* _Dataset records_

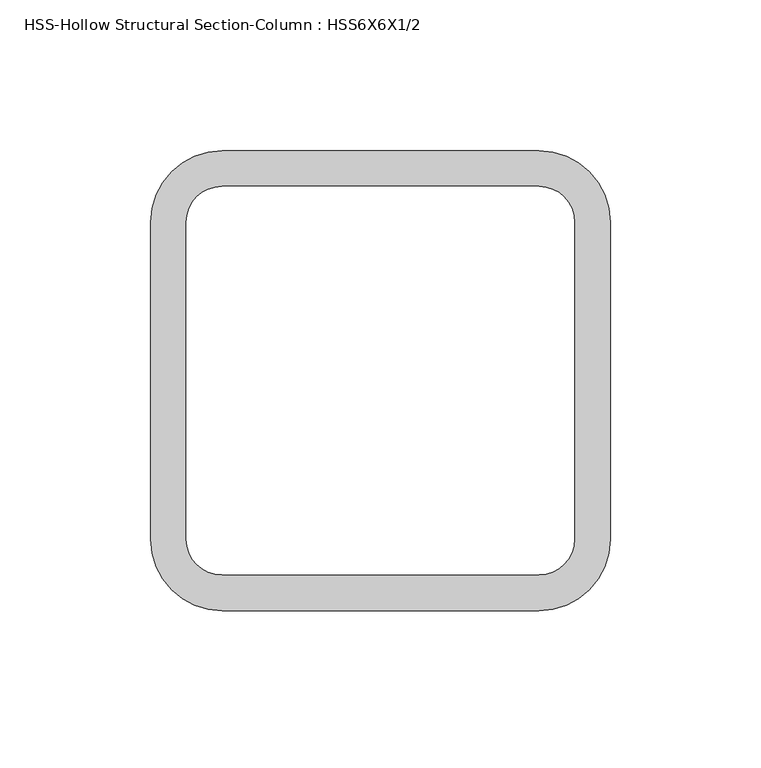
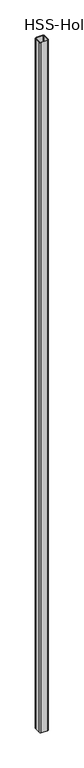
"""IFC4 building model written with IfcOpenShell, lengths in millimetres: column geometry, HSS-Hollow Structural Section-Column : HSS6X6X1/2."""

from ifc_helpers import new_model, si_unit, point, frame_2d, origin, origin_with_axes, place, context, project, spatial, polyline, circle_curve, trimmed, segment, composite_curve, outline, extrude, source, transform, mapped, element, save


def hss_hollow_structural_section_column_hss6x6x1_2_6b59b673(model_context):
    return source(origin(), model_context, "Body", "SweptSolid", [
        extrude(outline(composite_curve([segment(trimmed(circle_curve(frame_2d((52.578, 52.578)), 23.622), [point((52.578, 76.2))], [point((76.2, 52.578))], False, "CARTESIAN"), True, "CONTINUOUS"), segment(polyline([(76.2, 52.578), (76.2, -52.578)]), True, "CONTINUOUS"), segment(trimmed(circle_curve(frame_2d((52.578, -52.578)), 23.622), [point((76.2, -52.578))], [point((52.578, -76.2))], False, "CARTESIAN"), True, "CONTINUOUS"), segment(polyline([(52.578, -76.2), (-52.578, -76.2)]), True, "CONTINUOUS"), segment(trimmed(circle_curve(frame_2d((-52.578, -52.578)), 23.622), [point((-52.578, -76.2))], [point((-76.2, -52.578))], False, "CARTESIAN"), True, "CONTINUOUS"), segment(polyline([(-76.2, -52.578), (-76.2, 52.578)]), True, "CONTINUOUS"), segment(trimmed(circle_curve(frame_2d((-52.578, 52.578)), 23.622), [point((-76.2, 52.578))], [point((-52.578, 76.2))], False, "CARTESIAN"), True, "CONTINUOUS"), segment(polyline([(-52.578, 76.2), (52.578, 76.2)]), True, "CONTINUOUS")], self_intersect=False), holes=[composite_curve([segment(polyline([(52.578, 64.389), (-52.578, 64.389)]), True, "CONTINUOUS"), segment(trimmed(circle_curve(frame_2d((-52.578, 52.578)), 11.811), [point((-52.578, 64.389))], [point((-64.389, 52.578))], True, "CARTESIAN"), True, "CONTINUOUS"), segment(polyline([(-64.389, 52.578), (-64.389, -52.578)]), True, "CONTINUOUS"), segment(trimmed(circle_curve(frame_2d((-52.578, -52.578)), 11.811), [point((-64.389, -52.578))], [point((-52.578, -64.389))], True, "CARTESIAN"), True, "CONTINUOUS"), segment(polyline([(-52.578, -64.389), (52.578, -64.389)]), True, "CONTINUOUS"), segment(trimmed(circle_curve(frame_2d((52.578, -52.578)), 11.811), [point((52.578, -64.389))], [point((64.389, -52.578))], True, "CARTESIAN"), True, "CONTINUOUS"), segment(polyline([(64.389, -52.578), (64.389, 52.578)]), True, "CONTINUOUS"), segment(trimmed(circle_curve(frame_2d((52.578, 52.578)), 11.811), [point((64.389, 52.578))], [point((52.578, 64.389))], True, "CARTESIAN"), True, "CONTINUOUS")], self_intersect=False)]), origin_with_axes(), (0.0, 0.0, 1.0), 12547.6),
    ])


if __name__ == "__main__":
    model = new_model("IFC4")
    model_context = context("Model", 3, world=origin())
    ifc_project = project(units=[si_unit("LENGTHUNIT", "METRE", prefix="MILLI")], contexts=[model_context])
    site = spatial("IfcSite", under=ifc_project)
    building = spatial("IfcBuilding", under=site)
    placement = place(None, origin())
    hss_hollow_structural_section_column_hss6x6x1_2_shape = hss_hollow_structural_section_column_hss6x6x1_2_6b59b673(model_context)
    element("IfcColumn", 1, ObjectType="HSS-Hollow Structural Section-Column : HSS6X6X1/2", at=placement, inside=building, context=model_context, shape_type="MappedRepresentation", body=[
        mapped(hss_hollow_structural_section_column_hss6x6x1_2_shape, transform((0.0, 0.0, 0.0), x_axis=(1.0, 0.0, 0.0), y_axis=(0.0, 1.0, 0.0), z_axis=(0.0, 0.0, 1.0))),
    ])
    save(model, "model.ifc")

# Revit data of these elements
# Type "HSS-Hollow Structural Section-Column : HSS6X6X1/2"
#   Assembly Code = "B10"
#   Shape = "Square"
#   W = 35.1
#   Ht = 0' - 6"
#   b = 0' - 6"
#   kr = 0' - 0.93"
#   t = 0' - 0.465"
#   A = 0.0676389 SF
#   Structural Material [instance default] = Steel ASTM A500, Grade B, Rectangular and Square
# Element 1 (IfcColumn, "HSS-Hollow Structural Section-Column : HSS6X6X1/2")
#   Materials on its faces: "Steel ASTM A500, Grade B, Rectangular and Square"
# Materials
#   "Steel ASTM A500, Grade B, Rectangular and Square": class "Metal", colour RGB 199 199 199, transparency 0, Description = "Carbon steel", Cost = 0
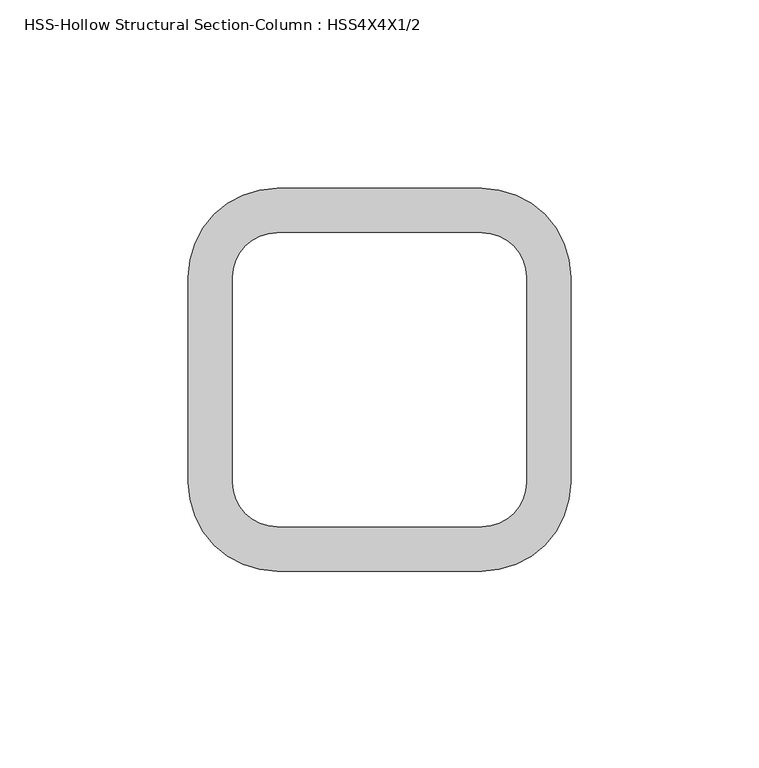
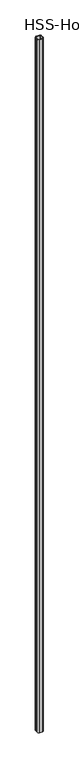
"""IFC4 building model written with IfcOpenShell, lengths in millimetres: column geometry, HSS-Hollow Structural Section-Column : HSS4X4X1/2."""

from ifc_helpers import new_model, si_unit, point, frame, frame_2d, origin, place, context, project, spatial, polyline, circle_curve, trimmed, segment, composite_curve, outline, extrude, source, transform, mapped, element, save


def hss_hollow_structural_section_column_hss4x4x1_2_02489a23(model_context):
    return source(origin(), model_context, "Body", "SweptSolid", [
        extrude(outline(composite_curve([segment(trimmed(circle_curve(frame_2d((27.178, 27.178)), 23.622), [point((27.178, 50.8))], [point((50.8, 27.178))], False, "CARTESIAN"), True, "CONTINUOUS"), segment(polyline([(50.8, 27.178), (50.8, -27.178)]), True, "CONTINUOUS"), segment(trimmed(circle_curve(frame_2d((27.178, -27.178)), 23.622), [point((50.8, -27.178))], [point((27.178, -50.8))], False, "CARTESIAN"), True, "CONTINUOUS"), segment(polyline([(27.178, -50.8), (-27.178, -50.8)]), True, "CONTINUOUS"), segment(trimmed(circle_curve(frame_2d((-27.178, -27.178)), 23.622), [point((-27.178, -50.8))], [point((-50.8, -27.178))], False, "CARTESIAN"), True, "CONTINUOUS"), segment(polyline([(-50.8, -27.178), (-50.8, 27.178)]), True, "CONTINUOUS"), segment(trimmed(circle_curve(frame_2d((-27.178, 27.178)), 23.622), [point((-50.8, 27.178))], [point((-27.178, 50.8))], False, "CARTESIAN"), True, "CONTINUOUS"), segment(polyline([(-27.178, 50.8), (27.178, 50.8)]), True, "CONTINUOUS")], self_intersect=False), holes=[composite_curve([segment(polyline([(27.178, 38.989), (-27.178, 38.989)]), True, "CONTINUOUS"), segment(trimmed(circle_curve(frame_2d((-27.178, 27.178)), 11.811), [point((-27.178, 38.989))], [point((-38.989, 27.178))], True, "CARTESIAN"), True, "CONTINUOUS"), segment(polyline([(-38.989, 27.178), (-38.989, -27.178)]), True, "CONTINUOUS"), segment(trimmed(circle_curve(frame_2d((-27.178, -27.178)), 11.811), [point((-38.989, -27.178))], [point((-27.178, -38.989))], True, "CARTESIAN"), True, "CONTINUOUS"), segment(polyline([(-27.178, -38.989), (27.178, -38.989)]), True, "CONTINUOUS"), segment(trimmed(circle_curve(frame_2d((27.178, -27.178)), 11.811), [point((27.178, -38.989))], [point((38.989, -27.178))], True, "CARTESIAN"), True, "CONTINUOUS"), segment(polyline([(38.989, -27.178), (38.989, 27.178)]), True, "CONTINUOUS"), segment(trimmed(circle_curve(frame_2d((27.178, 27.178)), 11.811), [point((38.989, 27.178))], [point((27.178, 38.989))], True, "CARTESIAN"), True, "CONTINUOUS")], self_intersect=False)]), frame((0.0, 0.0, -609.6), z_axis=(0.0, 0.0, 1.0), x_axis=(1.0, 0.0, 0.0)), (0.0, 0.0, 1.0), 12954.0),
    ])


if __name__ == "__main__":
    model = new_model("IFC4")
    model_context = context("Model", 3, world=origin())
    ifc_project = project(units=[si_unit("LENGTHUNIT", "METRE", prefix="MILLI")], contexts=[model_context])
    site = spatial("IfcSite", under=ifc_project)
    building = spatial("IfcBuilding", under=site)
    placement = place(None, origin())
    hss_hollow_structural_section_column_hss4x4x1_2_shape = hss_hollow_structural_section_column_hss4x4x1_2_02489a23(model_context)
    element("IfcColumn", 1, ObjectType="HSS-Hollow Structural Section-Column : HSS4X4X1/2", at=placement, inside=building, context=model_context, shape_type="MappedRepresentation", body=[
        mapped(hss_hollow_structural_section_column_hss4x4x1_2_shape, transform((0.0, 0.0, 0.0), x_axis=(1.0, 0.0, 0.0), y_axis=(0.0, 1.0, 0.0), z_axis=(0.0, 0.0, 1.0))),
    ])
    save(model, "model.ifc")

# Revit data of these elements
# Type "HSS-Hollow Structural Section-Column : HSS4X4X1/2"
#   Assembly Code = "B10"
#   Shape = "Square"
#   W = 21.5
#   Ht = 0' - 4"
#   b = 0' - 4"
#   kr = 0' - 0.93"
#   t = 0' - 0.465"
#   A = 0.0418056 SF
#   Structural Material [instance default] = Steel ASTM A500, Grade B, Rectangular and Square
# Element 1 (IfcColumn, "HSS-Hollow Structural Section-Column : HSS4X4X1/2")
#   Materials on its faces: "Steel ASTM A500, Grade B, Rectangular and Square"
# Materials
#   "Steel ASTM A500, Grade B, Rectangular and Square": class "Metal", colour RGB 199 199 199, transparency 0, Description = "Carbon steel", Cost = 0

* _What is being asked_
Return every line in the listing that contains the word "import".

* _Exercise response_
from ifc_helpers import new_model, si_unit, point, frame_2d, origin, origin_with_axes, place, context, project, spatial, polyline, circle_curve, trimmed, segment, composite_curve, outline, extrude, source, transform, mapped, element, save
from ifc_helpers import new_model, si_unit, point, frame, frame_2d, origin, place, context, project, spatial, polyline, circle_curve, trimmed, segment, composite_curve, outline, extrude, source, transform, mapped, element, save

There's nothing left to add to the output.